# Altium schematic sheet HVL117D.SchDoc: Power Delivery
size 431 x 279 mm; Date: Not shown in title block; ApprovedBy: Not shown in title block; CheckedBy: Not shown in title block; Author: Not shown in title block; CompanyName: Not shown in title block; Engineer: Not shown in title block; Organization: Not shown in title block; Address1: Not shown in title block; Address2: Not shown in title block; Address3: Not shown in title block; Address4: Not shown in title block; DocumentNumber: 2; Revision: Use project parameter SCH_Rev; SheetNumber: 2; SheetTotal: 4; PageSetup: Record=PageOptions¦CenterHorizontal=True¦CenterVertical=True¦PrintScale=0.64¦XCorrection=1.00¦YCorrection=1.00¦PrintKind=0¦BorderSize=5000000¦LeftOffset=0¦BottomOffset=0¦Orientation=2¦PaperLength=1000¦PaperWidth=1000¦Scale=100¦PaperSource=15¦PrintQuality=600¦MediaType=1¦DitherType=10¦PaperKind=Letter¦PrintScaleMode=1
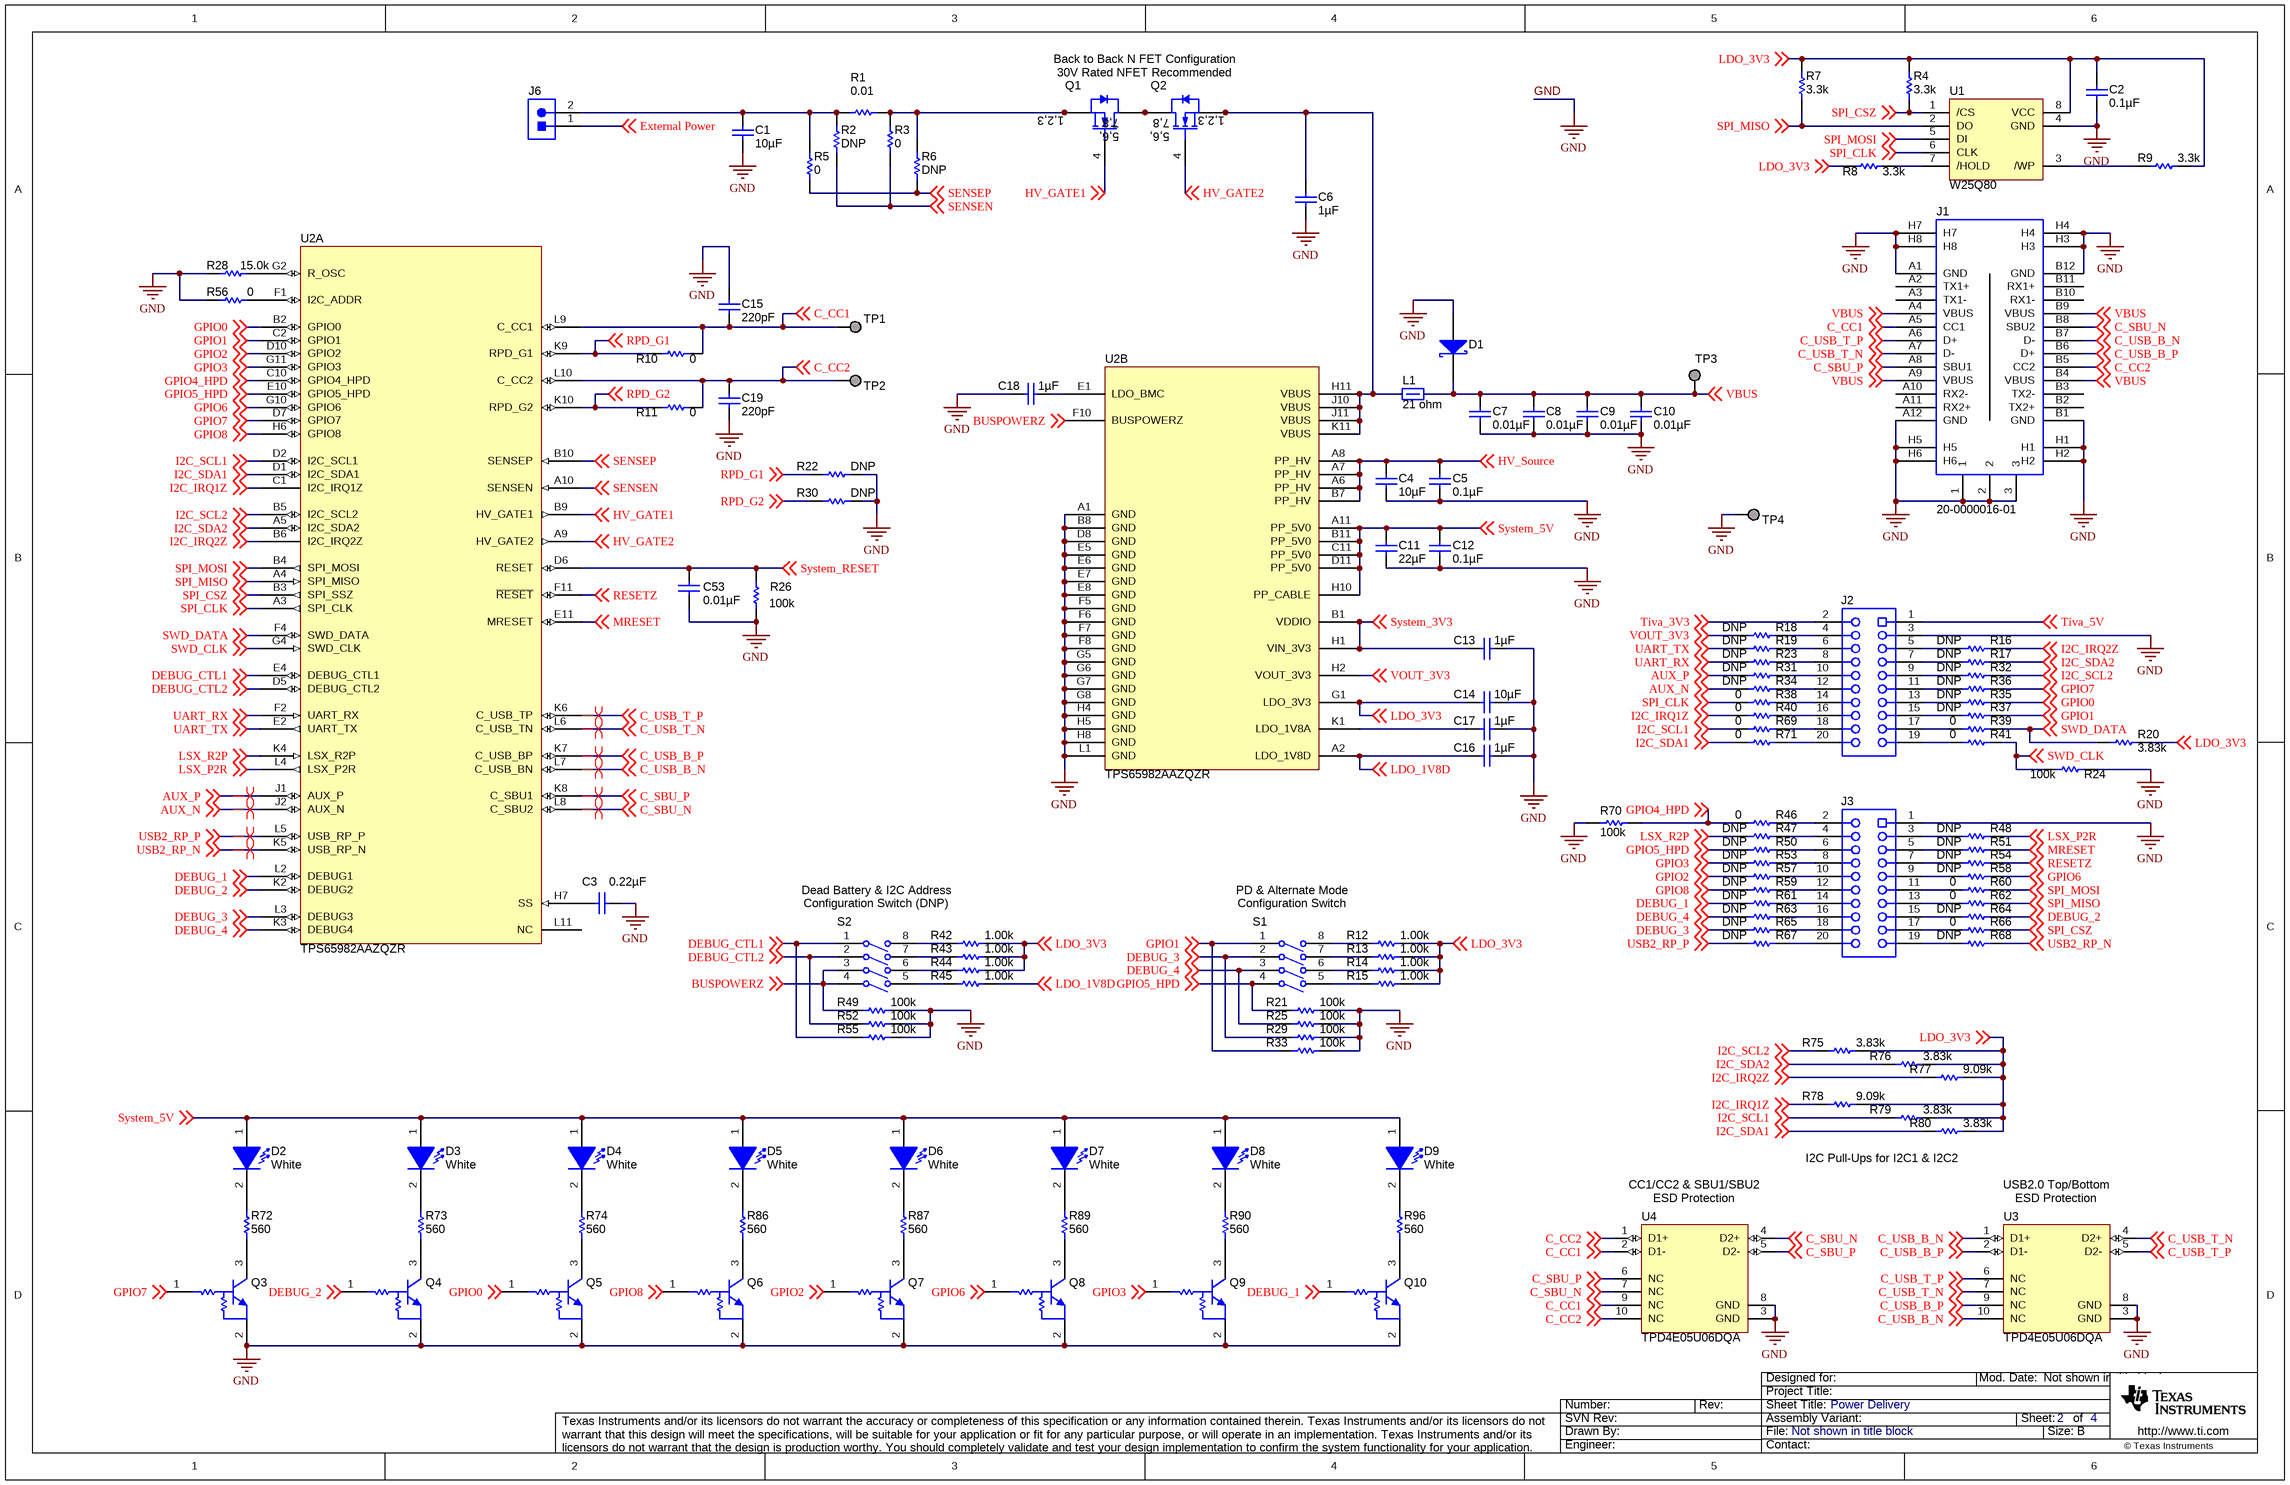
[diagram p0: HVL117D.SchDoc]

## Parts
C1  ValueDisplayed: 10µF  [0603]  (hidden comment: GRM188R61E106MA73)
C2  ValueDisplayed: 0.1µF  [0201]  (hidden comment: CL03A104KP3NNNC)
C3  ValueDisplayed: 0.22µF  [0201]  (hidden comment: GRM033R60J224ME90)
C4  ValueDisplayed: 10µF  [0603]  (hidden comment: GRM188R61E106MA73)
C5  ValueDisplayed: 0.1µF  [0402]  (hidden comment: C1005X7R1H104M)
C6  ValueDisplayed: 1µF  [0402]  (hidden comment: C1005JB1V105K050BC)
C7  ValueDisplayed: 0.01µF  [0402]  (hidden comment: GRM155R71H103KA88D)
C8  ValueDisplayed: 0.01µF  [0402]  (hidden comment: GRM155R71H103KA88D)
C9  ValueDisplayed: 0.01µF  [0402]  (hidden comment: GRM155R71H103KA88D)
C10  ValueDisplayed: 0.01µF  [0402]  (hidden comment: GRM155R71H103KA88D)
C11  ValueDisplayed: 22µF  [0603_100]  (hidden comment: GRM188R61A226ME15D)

### Your task
Excluding the pictures, transcribe each entry above word for word.

### Result of the task
# Altium schematic sheet HVL117D.SchDoc: Power Delivery
size 431 x 279 mm; Date: Not shown in title block; ApprovedBy: Not shown in title block; CheckedBy: Not shown in title block; Author: Not shown in title block; CompanyName: Not shown in title block; Engineer: Not shown in title block; Organization: Not shown in title block; Address1: Not shown in title block; Address2: Not shown in title block; Address3: Not shown in title block; Address4: Not shown in title block; DocumentNumber: 2; Revision: Use project parameter SCH_Rev; SheetNumber: 2; SheetTotal: 4; PageSetup: Record=PageOptions¦CenterHorizontal=True¦CenterVertical=True¦PrintScale=0.64¦XCorrection=1.00¦YCorrection=1.00¦PrintKind=0¦BorderSize=5000000¦LeftOffset=0¦BottomOffset=0¦Orientation=2¦PaperLength=1000¦PaperWidth=1000¦Scale=100¦PaperSource=15¦PrintQuality=600¦MediaType=1¦DitherType=10¦PaperKind=Letter¦PrintScaleMode=1
[diagram p0: HVL117D.SchDoc]

## Parts
C1  ValueDisplayed: 10µF  [0603]  (hidden comment: GRM188R61E106MA73)
C2  ValueDisplayed: 0.1µF  [0201]  (hidden comment: CL03A104KP3NNNC)
C3  ValueDisplayed: 0.22µF  [0201]  (hidden comment: GRM033R60J224ME90)
C4  ValueDisplayed: 10µF  [0603]  (hidden comment: GRM188R61E106MA73)
C5  ValueDisplayed: 0.1µF  [0402]  (hidden comment: C1005X7R1H104M)
C6  ValueDisplayed: 1µF  [0402]  (hidden comment: C1005JB1V105K050BC)
C7  ValueDisplayed: 0.01µF  [0402]  (hidden comment: GRM155R71H103KA88D)
C8  ValueDisplayed: 0.01µF  [0402]  (hidden comment: GRM155R71H103KA88D)
C9  ValueDisplayed: 0.01µF  [0402]  (hidden comment: GRM155R71H103KA88D)
C10  ValueDisplayed: 0.01µF  [0402]  (hidden comment: GRM155R71H103KA88D)
C11  ValueDisplayed: 22µF  [0603_100]  (hidden comment: GRM188R61A226ME15D)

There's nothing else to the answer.